C’est pourquoi nous proposons de passer un nouveau contrat entre l’école et la nation, un nouveau pacte de confiance. Ce nouveau contrat doit engager les réformes du métier d’enseignant, de son évolution, de sa revalorisation, et du temps scolaire. C’est la clé d’entrée. Si nous sommes capables de faire cela, nous pourrons tout faire et tout poser sur la table: service public de la petite enfance, réforme du collège, prérecrutement, orientation, programmes. En contrepartie de ces réformes du temps scolaire et du métier d’enseignant, ce contrat doit proposer de garantir des moyens, d’améliorer les conditions de travail et les carrières des personnels de l’éducation nationale. Nous devons remobiliser l’école, et nous devons remobiliser la nation autour de son école. C’est notre ambition et c’est ce sur quoi nous avons déjà dégagé entre nous une orientation et des propositions communes.

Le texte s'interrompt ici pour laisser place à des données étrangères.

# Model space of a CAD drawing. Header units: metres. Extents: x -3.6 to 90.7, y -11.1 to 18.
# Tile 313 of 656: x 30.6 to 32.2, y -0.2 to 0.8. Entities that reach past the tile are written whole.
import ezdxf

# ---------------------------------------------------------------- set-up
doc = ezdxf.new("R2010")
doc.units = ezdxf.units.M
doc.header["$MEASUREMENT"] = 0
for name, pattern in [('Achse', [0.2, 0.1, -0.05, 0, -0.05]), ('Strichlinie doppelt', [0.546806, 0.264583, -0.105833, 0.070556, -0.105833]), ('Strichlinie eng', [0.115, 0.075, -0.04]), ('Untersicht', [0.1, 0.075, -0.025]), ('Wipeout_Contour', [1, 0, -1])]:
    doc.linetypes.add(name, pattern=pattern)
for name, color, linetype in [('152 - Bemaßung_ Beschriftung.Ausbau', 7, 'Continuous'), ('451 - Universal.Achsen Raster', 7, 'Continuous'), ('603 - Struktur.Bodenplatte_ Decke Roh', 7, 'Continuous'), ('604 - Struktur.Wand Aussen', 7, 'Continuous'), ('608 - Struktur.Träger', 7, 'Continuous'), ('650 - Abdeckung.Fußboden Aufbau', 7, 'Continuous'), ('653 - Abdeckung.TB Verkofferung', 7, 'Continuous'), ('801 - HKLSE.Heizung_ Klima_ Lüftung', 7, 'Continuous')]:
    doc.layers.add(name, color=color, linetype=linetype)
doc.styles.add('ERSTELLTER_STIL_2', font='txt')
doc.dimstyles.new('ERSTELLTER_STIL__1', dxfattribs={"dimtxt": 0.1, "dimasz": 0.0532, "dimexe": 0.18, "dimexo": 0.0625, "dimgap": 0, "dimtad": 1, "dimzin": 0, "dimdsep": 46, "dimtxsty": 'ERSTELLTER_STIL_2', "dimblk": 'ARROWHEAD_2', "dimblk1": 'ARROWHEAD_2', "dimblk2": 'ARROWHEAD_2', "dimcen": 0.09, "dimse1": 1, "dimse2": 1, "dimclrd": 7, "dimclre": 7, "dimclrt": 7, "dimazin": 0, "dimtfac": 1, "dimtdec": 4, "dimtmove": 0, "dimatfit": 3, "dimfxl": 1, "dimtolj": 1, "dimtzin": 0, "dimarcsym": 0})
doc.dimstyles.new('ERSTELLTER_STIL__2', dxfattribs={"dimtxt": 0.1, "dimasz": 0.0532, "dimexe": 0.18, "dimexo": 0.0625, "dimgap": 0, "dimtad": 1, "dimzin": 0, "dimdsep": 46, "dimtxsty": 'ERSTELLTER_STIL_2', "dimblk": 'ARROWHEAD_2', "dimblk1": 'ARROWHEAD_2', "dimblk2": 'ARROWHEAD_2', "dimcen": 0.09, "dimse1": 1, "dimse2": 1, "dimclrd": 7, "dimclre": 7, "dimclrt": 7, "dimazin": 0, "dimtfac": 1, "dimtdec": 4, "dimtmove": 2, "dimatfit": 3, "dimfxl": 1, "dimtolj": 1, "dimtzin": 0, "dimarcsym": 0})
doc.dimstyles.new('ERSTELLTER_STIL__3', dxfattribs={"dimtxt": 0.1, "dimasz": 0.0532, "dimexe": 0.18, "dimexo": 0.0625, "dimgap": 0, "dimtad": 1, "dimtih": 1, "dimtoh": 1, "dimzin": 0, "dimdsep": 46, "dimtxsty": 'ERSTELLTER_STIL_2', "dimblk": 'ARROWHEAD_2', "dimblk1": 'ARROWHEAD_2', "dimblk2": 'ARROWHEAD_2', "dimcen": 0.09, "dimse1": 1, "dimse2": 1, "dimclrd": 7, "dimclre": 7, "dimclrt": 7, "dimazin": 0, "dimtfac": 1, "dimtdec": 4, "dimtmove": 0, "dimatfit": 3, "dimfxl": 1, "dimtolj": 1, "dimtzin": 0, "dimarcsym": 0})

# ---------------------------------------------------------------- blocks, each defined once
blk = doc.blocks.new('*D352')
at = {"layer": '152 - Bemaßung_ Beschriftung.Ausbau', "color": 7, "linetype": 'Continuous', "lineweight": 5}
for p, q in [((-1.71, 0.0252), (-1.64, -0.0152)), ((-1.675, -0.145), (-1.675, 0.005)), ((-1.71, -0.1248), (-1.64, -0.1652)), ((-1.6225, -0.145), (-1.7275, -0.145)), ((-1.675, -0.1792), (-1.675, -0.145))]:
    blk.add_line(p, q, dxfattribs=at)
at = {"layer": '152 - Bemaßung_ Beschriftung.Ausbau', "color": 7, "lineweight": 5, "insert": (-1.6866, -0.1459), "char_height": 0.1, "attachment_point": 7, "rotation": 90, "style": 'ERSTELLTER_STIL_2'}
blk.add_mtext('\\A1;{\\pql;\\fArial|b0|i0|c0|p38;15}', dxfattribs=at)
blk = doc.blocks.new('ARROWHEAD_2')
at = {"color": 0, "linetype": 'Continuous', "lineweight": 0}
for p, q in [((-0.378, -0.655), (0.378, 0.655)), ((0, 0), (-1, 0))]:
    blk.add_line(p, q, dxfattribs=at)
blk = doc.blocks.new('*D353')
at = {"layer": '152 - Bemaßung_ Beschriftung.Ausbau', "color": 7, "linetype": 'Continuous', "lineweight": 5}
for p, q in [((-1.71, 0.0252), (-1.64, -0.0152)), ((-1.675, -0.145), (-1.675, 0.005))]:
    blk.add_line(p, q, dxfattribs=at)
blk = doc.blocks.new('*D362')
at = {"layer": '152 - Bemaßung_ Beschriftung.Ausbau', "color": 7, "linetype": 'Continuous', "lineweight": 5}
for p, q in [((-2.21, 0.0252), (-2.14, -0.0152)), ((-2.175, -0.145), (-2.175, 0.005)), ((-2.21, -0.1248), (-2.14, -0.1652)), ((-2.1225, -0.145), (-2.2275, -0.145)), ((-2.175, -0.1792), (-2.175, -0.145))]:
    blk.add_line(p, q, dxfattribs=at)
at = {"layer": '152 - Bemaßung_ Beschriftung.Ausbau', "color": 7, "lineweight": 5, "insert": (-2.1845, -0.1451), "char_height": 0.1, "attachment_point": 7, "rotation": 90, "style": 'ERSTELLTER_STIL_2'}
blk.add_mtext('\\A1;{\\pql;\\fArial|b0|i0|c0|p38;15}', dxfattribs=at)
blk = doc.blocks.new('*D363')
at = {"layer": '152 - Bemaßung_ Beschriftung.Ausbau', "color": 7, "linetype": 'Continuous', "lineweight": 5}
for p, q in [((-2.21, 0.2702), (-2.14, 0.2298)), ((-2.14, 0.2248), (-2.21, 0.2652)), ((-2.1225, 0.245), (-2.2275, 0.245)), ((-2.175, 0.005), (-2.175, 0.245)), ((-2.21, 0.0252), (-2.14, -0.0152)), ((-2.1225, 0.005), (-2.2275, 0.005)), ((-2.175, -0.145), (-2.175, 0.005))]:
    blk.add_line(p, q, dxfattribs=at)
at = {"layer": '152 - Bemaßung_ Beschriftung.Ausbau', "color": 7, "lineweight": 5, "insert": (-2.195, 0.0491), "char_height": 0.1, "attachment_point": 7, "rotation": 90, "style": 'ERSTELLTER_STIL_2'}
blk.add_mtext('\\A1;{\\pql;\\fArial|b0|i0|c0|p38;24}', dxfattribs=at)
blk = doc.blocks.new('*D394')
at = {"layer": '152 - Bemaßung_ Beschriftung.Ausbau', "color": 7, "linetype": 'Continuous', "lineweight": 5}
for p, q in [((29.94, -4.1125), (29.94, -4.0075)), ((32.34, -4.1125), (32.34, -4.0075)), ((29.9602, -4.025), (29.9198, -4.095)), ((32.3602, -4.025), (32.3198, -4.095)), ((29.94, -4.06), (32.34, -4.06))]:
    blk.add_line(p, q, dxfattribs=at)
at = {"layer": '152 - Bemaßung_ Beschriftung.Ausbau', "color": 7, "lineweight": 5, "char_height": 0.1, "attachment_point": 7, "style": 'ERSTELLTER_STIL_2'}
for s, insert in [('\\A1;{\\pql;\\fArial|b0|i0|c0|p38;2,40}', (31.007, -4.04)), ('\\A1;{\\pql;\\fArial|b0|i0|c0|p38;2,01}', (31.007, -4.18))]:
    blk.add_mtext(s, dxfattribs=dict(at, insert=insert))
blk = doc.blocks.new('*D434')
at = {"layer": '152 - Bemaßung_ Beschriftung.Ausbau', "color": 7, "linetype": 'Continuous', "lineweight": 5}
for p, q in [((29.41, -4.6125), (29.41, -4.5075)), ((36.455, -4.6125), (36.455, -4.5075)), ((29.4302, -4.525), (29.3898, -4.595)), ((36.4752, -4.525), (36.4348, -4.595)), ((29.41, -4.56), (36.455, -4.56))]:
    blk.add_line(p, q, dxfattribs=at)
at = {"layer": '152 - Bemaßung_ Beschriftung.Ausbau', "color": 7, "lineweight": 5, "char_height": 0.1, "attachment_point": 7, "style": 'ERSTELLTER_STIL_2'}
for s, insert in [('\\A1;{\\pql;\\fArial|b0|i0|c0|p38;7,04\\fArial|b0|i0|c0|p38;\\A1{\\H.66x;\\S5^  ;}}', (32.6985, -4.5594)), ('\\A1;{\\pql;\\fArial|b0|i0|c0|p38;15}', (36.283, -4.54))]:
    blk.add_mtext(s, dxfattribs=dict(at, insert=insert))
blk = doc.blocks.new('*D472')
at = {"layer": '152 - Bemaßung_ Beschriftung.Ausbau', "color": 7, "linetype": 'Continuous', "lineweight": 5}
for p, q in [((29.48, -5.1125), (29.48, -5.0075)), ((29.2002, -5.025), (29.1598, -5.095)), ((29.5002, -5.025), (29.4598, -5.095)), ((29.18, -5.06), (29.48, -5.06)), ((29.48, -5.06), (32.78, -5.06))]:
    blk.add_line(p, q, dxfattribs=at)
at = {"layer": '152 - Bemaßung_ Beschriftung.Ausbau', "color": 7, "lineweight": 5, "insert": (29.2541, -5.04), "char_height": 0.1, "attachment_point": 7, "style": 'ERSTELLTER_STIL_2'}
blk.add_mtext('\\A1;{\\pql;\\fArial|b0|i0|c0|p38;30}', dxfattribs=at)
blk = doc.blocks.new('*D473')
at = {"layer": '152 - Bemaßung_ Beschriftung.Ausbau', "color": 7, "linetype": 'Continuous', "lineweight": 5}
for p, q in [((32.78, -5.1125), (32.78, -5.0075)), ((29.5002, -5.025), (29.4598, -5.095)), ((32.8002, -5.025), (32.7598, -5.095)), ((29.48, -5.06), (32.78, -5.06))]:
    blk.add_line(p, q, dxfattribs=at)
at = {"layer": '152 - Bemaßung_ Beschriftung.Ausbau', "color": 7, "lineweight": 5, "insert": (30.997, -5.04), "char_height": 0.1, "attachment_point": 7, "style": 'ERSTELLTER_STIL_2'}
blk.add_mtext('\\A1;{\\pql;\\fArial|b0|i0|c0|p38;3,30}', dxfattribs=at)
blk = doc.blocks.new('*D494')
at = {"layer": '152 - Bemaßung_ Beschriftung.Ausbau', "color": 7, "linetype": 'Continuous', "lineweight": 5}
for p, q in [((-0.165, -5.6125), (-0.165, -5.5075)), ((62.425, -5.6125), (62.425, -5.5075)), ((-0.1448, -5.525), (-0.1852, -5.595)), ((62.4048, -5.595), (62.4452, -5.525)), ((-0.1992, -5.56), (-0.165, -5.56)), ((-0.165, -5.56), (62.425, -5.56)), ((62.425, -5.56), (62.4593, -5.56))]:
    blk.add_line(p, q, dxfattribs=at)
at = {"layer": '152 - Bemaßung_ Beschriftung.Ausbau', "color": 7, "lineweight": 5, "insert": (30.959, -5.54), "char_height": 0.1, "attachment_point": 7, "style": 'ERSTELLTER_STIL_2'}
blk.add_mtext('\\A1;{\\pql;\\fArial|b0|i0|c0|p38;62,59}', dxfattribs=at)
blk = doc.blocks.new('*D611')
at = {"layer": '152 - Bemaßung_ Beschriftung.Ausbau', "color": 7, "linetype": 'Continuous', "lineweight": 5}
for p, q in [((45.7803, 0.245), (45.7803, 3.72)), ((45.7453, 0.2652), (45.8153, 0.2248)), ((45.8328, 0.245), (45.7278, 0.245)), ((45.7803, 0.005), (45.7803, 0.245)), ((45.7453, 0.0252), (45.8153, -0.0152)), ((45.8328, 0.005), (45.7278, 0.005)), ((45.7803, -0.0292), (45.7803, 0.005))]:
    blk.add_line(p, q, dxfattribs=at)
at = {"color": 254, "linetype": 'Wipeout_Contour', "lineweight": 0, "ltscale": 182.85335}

Sommes nous d’accord sur tout? Bien entendu non, et c’est très bien ainsi. Mais nous avons suffisamment de valeurs en commun, d’analyses partagées et de volontés d’agir ensemble pour pouvoir explorer les possibilités d’un travail en commun au service de notre pays.

Nous avions à relever un triple défi, à répondre à une triple exigence: défi de la persévérance et du travail, défi de l’ouverture et du débat, défi du projet et des propositions.

Merci à Dany, à Gaby, à Christiane, à Marielle, à Robert, à François, à Jean-Louis, à Jean-Luc, à tous mes camarades, de nous avoir permis de le faire. Encore à tous, merci.

Merci à toi, Pierre, de nous accompagner avec intelligence et générosité sur ce chemin, pour la seule et unique raison que tu le crois juste.

Je sais bien, mes camarades, mes amis, qu’à chaque fois que nous ferons un pas vers l’avenir les forces de la pesanteur, du dénigrement et du doute recommenceront leur oeuvre de critique rongeuse et de découragement. Mais nous avancerons quand même, comme d’autres ont avancé avant nous et, à force d’endurance, de courage, de conviction, nous finirons par fatiguer le doute et par vaincre les conservatismes, par fatiguer le doute, comme disait Jaurès, et par frayer un chemin à l’espoir.

Aujourd’hui nous avons bien travaillé, et nous avons été utiles. L’espoir qu’une autre France, plus juste, plus démocratique, plus ouverte sur le monde soit possible pour 2012 est plus fort ce soir qu’il n’était ce matin. C’est cela seul qui importe. Cet espoir sera encore plus fort chaque jour qui passera si nous y mettons la générosité, l’amitié, la rigueur nécessaires. Je vous propose que nous nous retrouvions à nouveau l’année prochaine, à Paris, pour débattre ensemble de la VI République, une République démocratique, sociale, laïque et durable, celle que nous aimons, celle que nous voulons, et dont je sais qu’une majorité de français partagent l’idéal et la volonté avec nous.